PREDICT

Project coordinator

cwoda@bfs.de

Project partners

Federal Office for Radiation Protection (BfS), Salzgitter
Danish Emergency Management Agency (DEMA), governmental agency under MINISTRY OF DEFENCE (MoD), Birkerød
Technical University of Denmark (DTU), Roskilde
Norwegian Radiation and Nuclear Safety Authority (DSA), Oslo
Environmental Protection Agency (EPA), Wexford
Helmholtz-Zentrum Dresden-Rossendorf EV (HZDR), Dresden
Karlsruhe Institute of Technology (KIT), Eggenstein-Leopoldshafen
Norwegian University of Life Sciences (NMBU), Aas
PDC-ARGOS ApS, Brøndby
National Institute for Public Health and the Environment (RIVM), Bilthoven
Swedish Radiation Safety Authority (SSM), Stockholm
Department of Health (UKHSA), Didcot
Met Office (UKMO), Exeter

Project objectives and goals: 

The present risk assessment and risk management knowledge of civilian emergency planning organisations concerning radiological consequences of nuclear fallout is still limited. This project aims at filling in significant gaps and improving upon current radiological assessment and decision-aiding technological capabilities. Since the invasion of Ukraine by Russia, there has been ongoing concern over the threatened use of tactical nuclear weapons. In such an event, radiation protection of the public should focus on the fallout zone, where urgent protective actions could significantly help reduce health impacts.

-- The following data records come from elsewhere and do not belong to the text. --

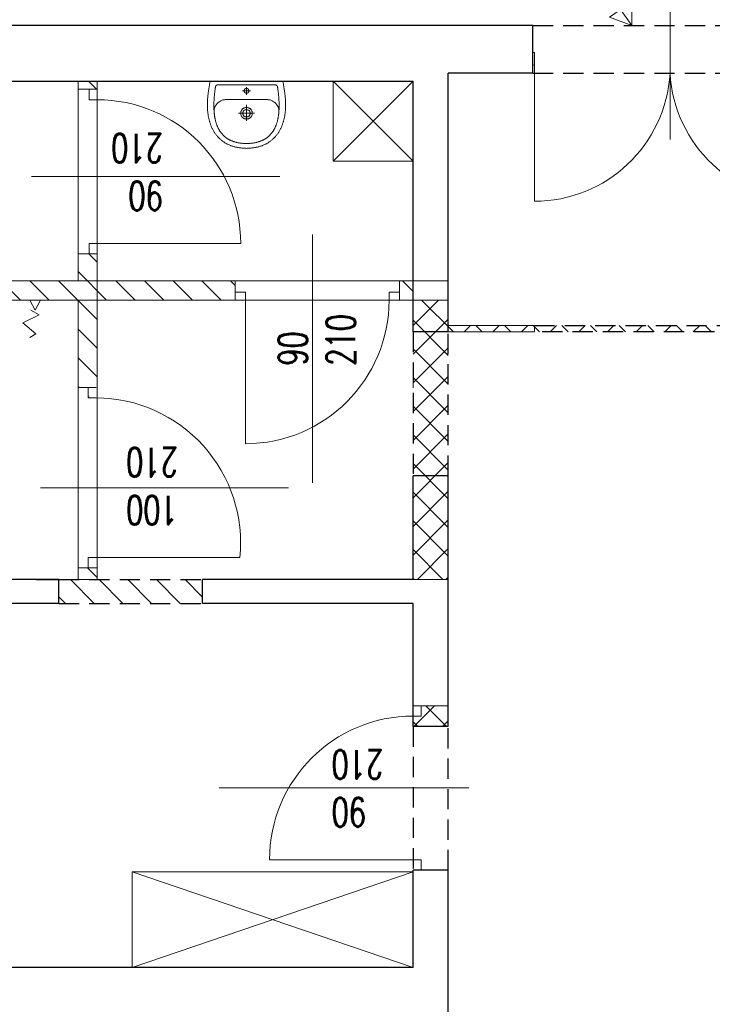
# Model space of a CAD drawing. Header units: millimetres. Extents: x -2948 to 78628, y 64669 to 215420.
# Tile 69 of 256: x 55279 to 55713, y 79750 to 80366. Entities that reach past the tile are written whole.
import ezdxf

# ---------------------------------------------------------------- set-up
doc = ezdxf.new("R2010")
doc.units = ezdxf.units.MM
doc.linetypes.add('HIDDEN', pattern=[9.525, 6.35, -3.175])
for name, color, linetype, lineweight in [('meble', 3, 'Continuous', 5), ('meble inst', 240, 'Continuous', 5), ('NOWE SCIANY', 3, 'Continuous', 13), ('OPIS', 2, 'Continuous', 13), ('P_OPIS', 2, 'Continuous', 13), ('P_POMOC', 1, 'Continuous', 5), ('POMOC', 1, 'Continuous', 13), ('STOLARKA', 3, 'Continuous', 13), ('WYMIAR', 5, 'Continuous', 13), ('WYPOSAZENIE_SANITARNE', 122, 'Continuous', 5), ('ŚCIANY', 7, 'Continuous', 30)]:
    doc.layers.add(name, color=color, linetype=linetype, lineweight=lineweight)
doc.layers.add('pomocnicza', color=4, linetype='Continuous')
doc.styles.add('style2', font='romans.shx', dxfattribs={"width": 0.7})
doc.dimstyles.new('100', dxfattribs={"dimscale": 80, "dimtxt": 0.2, "dimasz": 0.2, "dimexe": 1.25, "dimexo": 0.625, "dimgap": 0.05, "dimtad": 1, "dimdec": 0, "dimdsep": 46, "dimlunit": 6, "dimtxsty": 'style2', "dimblk1": 'TICK', "dimblk2": 'TICK', "dimsah": 1, "dimcen": 0.2, "dimse1": 1, "dimse2": 1, "dimclrd": 256, "dimclrt": 2, "dimadec": 0, "dimazin": 0, "dimtfac": 1, "dimtdec": 0, "dimtix": 1, "dimtmove": 1, "dimatfit": 0, "dimldrblk": 'DOTSMALL', "dimfxl": 1, "dimtolj": 1, "dimtzin": 0, "dimarcsym": 0})
pattern_1 = [(135, (17962.765, -27595.734), (-8.9802561, -8.9802561), []), (225, (17962.765, -27595.734), (8.9802561, -8.9802561), [])]
pattern_2 = [(135, (17962.765, -27595.734), (-8.9802561, -8.9802561), [])]

# ---------------------------------------------------------------- blocks, each defined once
blk = doc.blocks.new('G$C3D992CB9')
at = {"layer": 'STOLARKA'}
for p, q in [((22, 172), (22, 171)), ((22, 171), (30, 171)), ((30, 172), (30, 171)), ((22, 1), (30, 1)), ((22, 1), (22, 0)), ((30, 1), (30, 0))]:
    blk.add_line(p, q, dxfattribs=at)
at = {"layer": 'STOLARKA', "ltscale": 2}
for p, q in [((30, 171), (115.15, 171)), ((30, 1), (115.15, 1))]:
    blk.add_line(p, q, dxfattribs=at)
for centre, start, end in [((30, 171), 273.36646, 0), ((30, 1), 0, 86.63354)]:
    blk.add_arc(centre, 85.15, start, end, dxfattribs=at)
blk = doc.blocks.new('A$C17BC5D8D')
at = {"layer": 'WYPOSAZENIE_SANITARNE'}
blk.add_line((3.81, -7.43), (3.81, -7.43), dxfattribs=at)
for points in [[(-2.19, 13.82), (-2.19, -8.88), (-2.19, -31.68), (-1.76, -31.78), (-1.34, -31.87), (-0.91, -31.96), (-0.47, -32.04), (-0.04, -32.12), (0.4, -32.2), (0.84, -32.27), (1.28, -32.35), (1.73, -32.42), (2.17, -32.48), (2.61, -32.55), (3.06, -32.61), (3.5, -32.67), (3.94, -32.73), (4.39, -32.79), (4.83, -32.85), (5.26, -32.91), (5.7, -32.97), (6.13, -33.02), (6.56, -33.08), (6.98, -33.13), (7.4, -33.17), (7.82, -33.21), (8.24, -33.25), (8.67, -33.28), (9.09, -33.31), (9.51, -33.34), (9.93, -33.37), (10.36, -33.39), (10.78, -33.4), (11.2, -33.42), (11.63, -33.43), (12.05, -33.44), (12.47, -33.44), (12.9, -33.44), (13.32, -33.43), (13.74, -33.43), (14.17, -33.41), (14.59, -33.4), (15.01, -33.38), (15.43, -33.35), (15.86, -33.32), (16.28, -33.29), (16.7, -33.25), (17.12, -33.21), (17.54, -33.16), (17.96, -33.11), (18.37, -33.05), (18.79, -32.99), (19.21, -32.92), (19.62, -32.85), (20.04, -32.77), (20.45, -32.69), (20.87, -32.61), (21.28, -32.51), (21.69, -32.42), (22.1, -32.31), (22.51, -32.21), (22.91, -32.09), (23.32, -31.97), (23.72, -31.85), (24.13, -31.72), (24.53, -31.58), (24.93, -31.44), (25.33, -31.29), (25.72, -31.14), (26.12, -30.98), (26.51, -30.81), (26.9, -30.64), (26.9, -30.64), (27.31, -30.45), (27.7, -30.26), (28.1, -30.06), (28.48, -29.85), (28.86, -29.64), (29.24, -29.42), (29.61, -29.19), (29.97, -28.95), (30.33, -28.71), (30.68, -28.47), (31.02, -28.21), (31.36, -27.95), (31.7, -27.68), (32.03, -27.41), (32.35, -27.13), (32.66, -26.84), (32.97, -26.55), (33.28, -26.24), (33.58, -25.94), (33.87, -25.62), (34.16, -25.3), (34.44, -24.97), (34.72, -24.63), (34.99, -24.29), (35.26, -23.93), (35.52, -23.58), (35.77, -23.21), (36.02, -22.84), (36.27, -22.46), (36.49, -22.1), (36.71, -21.74), (36.92, -21.37), (37.12, -21), (37.31, -20.62), (37.5, -20.23), (37.67, -19.84), (37.84, -19.45), (38, -19.05), (38.15, -18.65), (38.29, -18.25), (38.43, -17.84), (38.56, -17.43), (38.68, -17.01), (38.79, -16.59), (38.9, -16.17), (39, -15.75), (39.1, -15.33), (39.18, -14.9), (39.27, -14.48), (39.34, -14.05), (39.41, -13.62), (39.47, -13.19), (39.53, -12.76), (39.58, -12.33), (39.63, -11.9), (39.67, -11.47), (39.71, -11.05), (39.74, -10.62), (39.77, -10.19), (39.79, -9.77), (39.8, -9.35), (39.82, -8.93), (39.82, -8.93), (39.8, -8.51), (39.79, -8.08), (39.77, -7.66), (39.74, -7.23), (39.71, -6.81), (39.67, -6.38), (39.63, -5.95), (39.58, -5.52), (39.53, -5.09), (39.47, -4.66), (39.41, -4.23), (39.34, -3.8), (39.27, -3.38), (39.18, -2.95), (39.1, -2.52), (39, -2.1), (38.9, -1.68), (38.79, -1.26), (38.68, -0.84), (38.56, -0.43), (38.43, -0.01), (38.29, 0.39), (38.15, 0.8), (38, 1.2), (37.84, 1.6), (37.67, 1.99), (37.5, 2.38), (37.31, 2.77), (37.12, 3.14), (36.92, 3.52), (36.71, 3.89), (36.49, 4.25), (36.27, 4.61), (36.27, 4.61), (36.02, 4.99), (35.77, 5.36), (35.52, 5.72), (35.26, 6.08), (34.99, 6.43), (34.72, 6.78), (34.44, 7.11), (34.16, 7.44), (33.87, 7.77), (33.58, 8.08), (33.28, 8.39), (32.97, 8.69), (32.66, 8.99), (32.35, 9.28), (32.03, 9.56), (31.7, 9.83), (31.36, 10.1), (31.02, 10.36), (30.68, 10.61), (30.33, 10.86), (29.97, 11.1), (29.61, 11.34), (29.24, 11.56), (28.86, 11.78), (28.48, 12), (28.1, 12.2), (27.7, 12.4), (27.31, 12.6), (26.9, 12.78), (26.9, 12.78), (26.51, 12.96), (26.12, 13.12), (25.72, 13.28), (25.33, 13.44), (24.93, 13.59), (24.53, 13.73), (24.13, 13.86), (23.72, 14), (23.32, 14.12), (22.91, 14.24), (22.51, 14.35), (22.1, 14.46), (21.69, 14.56), (21.28, 14.66), (20.87, 14.75), (20.45, 14.84), (20.04, 14.92), (19.62, 15), (19.21, 15.07), (18.79, 15.14), (18.37, 15.2), (17.96, 15.25), (17.54, 15.31), (17.12, 15.35), (16.7, 15.4), (16.28, 15.43), (15.86, 15.47), (15.43, 15.5), (15.01, 15.52), (14.59, 15.54), (14.17, 15.56), (13.74, 15.57), (13.32, 15.58), (12.9, 15.59), (12.47, 15.59), (12.05, 15.58), (11.63, 15.58), (11.2, 15.57), (10.78, 15.55), (10.36, 15.53), (9.93, 15.51), (9.51, 15.49), (9.09, 15.46), (8.67, 15.43), (8.24, 15.4), (7.82, 15.36), (7.4, 15.32), (6.98, 15.27), (6.56, 15.23), (6.56, 15.23), (6.13, 15.17), (5.7, 15.11), (5.26, 15.06), (4.83, 15), (4.39, 14.94), (3.94, 14.88), (3.5, 14.82), (3.06, 14.76), (2.61, 14.69), (2.17, 14.63), (1.73, 14.56), (1.28, 14.49), (0.84, 14.42), (0.4, 14.34), (-0.04, 14.27), (-0.47, 14.18), (-0.91, 14.1), (-1.34, 14.01), (-1.76, 13.92)], [(36.8, -8.93), (36.8, -8.44), (36.78, -7.96), (36.76, -7.49), (36.73, -7.02), (36.7, -6.57), (36.66, -6.12), (36.61, -5.67), (36.56, -5.24), (36.5, -4.81), (36.44, -4.38), (36.37, -3.97), (36.29, -3.56), (36.21, -3.16), (36.12, -2.76), (36.02, -2.38), (35.92, -1.99), (35.81, -1.62), (35.7, -1.25), (35.59, -0.89), (35.46, -0.53), (35.33, -0.19), (35.2, 0.16), (35.06, 0.49), (34.92, 0.82), (34.77, 1.15), (34.61, 1.47), (34.45, 1.78), (34.29, 2.08), (34.12, 2.38), (33.95, 2.68), (33.77, 2.96), (33.58, 3.25), (33.4, 3.52), (33.2, 3.79), (33.01, 4.06), (32.8, 4.32), (32.6, 4.57), (32.39, 4.82), (32.17, 5.06), (31.95, 5.3), (31.73, 5.53), (31.5, 5.75), (31.27, 5.98), (31.04, 6.19), (30.8, 6.4), (30.56, 6.61), (30.31, 6.81), (30.06, 7), (29.81, 7.19), (29.55, 7.38), (29.29, 7.56), (29.02, 7.74), (28.76, 7.91), (28.49, 8.07), (28.21, 8.24), (27.93, 8.39), (27.65, 8.54), (27.37, 8.69), (27.09, 8.84), (26.8, 8.98), (26.5, 9.11), (26.21, 9.24), (25.91, 9.37), (25.61, 9.49), (25.31, 9.61), (25.01, 9.72), (24.7, 9.83), (24.39, 9.94), (24.08, 10.04), (23.76, 10.14), (23.45, 10.23), (23.13, 10.32), (22.81, 10.41), (22.48, 10.49), (22.16, 10.57), (21.83, 10.64), (21.5, 10.72), (21.17, 10.78), (20.84, 10.85), (20.51, 10.91), (20.18, 10.97), (19.84, 11.02), (19.5, 11.08), (19.16, 11.12), (18.82, 11.17), (18.48, 11.21), (18.14, 11.25), (17.8, 11.29), (17.45, 11.32), (17.11, 11.35), (16.76, 11.38), (16.41, 11.4), (16.06, 11.43), (15.72, 11.45), (15.37, 11.46), (15.02, 11.48), (14.67, 11.49), (14.32, 11.5), (13.97, 11.51), (13.61, 11.51), (13.26, 11.51), (12.91, 11.51), (12.56, 11.51), (12.21, 11.51), (11.86, 11.5), (11.5, 11.49), (11.15, 11.48), (10.8, 11.47), (10.45, 11.45), (10.1, 11.44), (9.75, 11.42), (9.4, 11.4), (9.05, 11.38), (8.7, 11.36), (8.36, 11.33), (8.01, 11.31), (7.66, 11.28), (7.32, 11.25), (6.97, 11.22), (6.63, 11.19), (6.29, 11.15), (5.95, 11.12), (5.61, 11.08), (5.27, 11.05), (4.93, 11.01), (4.6, 10.97), (4.26, 10.93), (3.93, 10.89), (3.6, 10.85), (3.27, 10.8), (2.94, 10.76), (2.61, 10.72), (2.29, 10.67), (1.97, 10.63), (1.65, 10.58), (1.33, 10.53), (1.33, 10.53), (0.77, 10.3), (0.38, 9.98), (0.13, 9.53), (0.01, 8.93), (-0.01, -8.93), (0.01, -26.78), (0.13, -27.38), (0.38, -27.83), (0.77, -28.16), (1.33, -28.39), (1.65, -28.43), (1.97, -28.48), (2.29, -28.52), (2.61, -28.57), (2.94, -28.61), (3.27, -28.66), (3.6, -28.7), (3.93, -28.74), (4.26, -28.78), (4.6, -28.82), (4.93, -28.86), (5.27, -28.9), (5.61, -28.93), (5.95, -28.97), (6.29, -29.01), (6.63, -29.04), (6.97, -29.07), (7.32, -29.1), (7.66, -29.13), (8.01, -29.16), (8.36, -29.18), (8.7, -29.21), (9.05, -29.23), (9.4, -29.25), (9.75, -29.27), (10.1, -29.29), (10.45, -29.31), (10.8, -29.32), (11.15, -29.33), (11.5, -29.34), (11.86, -29.35), (12.21, -29.36), (12.56, -29.36), (12.91, -29.37), (13.26, -29.37), (13.61, -29.36), (13.97, -29.36), (14.32, -29.35), (14.67, -29.34), (15.02, -29.33), (15.37, -29.32), (15.72, -29.3), (16.06, -29.28), (16.41, -29.26), (16.76, -29.23), (17.11, -29.2), (17.45, -29.17), (17.8, -29.14), (18.14, -29.1), (18.48, -29.07), (18.82, -29.02), (19.16, -28.98), (19.5, -28.93), (19.84, -28.88), (20.18, -28.82), (20.51, -28.76), (20.84, -28.7), (21.17, -28.64), (21.5, -28.57), (21.83, -28.5), (22.16, -28.42), (22.48, -28.34), (22.81, -28.26), (23.13, -28.17), (23.45, -28.08), (23.76, -27.99), (24.08, -27.89), (24.39, -27.79), (24.7, -27.68), (25.01, -27.57), (25.31, -27.46), (25.61, -27.34), (25.91, -27.22), (26.21, -27.09), (26.5, -26.96), (26.8, -26.83), (27.09, -26.69), (27.37, -26.55), (27.65, -26.4), (27.93, -26.25), (28.21, -26.09), (28.49, -25.93), (28.76, -25.76), (29.02, -25.59), (29.29, -25.41), (29.55, -25.23), (29.81, -25.05), (30.06, -24.86), (30.31, -24.66), (30.56, -24.46), (30.8, -24.26), (31.04, -24.04), (31.27, -23.83), (31.5, -23.61), (31.73, -23.38), (31.95, -23.15), (32.17, -22.91), (32.39, -22.67), (32.6, -22.42), (32.8, -22.17), (33.01, -21.91), (33.2, -21.64), (33.4, -21.37), (33.58, -21.1), (33.77, -20.82), (33.95, -20.53), (34.12, -20.24), (34.29, -19.94), (34.45, -19.63), (34.61, -19.32), (34.77, -19), (34.92, -18.68), (35.06, -18.35), (35.2, -18.01), (35.33, -17.67), (35.46, -17.32), (35.59, -16.96), (35.7, -16.6), (35.81, -16.23), (35.92, -15.86), (36.02, -15.48), (36.12, -15.09), (36.21, -14.69), (36.29, -14.29), (36.37, -13.88), (36.44, -13.47), (36.5, -13.05), (36.56, -12.62), (36.61, -12.18), (36.66, -11.74), (36.7, -11.29), (36.73, -10.83), (36.76, -10.36), (36.78, -9.89), (36.8, -9.41), (36.8, -8.93)], [(17.86, -5.33), (18.22, -5.34), (18.57, -5.38), (18.89, -5.45), (19.19, -5.54), (19.47, -5.65), (19.74, -5.79), (19.99, -5.94), (20.21, -6.11), (20.42, -6.3), (20.61, -6.5), (20.78, -6.72), (20.93, -6.95), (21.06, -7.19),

Several European countries have already undertaken assessments of the radiological impacts of nuclear detonations and this project will build on that work, further extending technical capabilities. PREDICT aims to enable the major internationally used decision support systems JRODOS and ARGOS and other nationally used atmospheric dispersion and transport codes and follow-on foodchain models to simulate and predict consequences due to the fallout of a nuclear detonation in Europe or worldwide. A key aspect will be the description of the blast cloud which is complex due to its height, the large number of radionuclides (most short-lived) and variety of particle sizes produced. Using a range of source terms and weather conditions, results from different Partner assessment models will be compared and the uncertainties better understood. Recommendations will be made to improve dose modelling and computing run times.

Existing advice on responding to nuclear power plant accidents will be adapted, and public protection strategies will be reviewed and improved ways of communicating these to the public will be developed. A key outcome will be harmonising the technical means of decision-making following a nuclear detonation event at the European level as well as considering social, ethical and communication aspects. There will be pro-active engagement with decision-makers and other stakeholders to ensure that the information arising from the assessment models will apply a holistic understanding of the event consequences enabling them to better understand the risks and thereby improving the protection of the public from harm.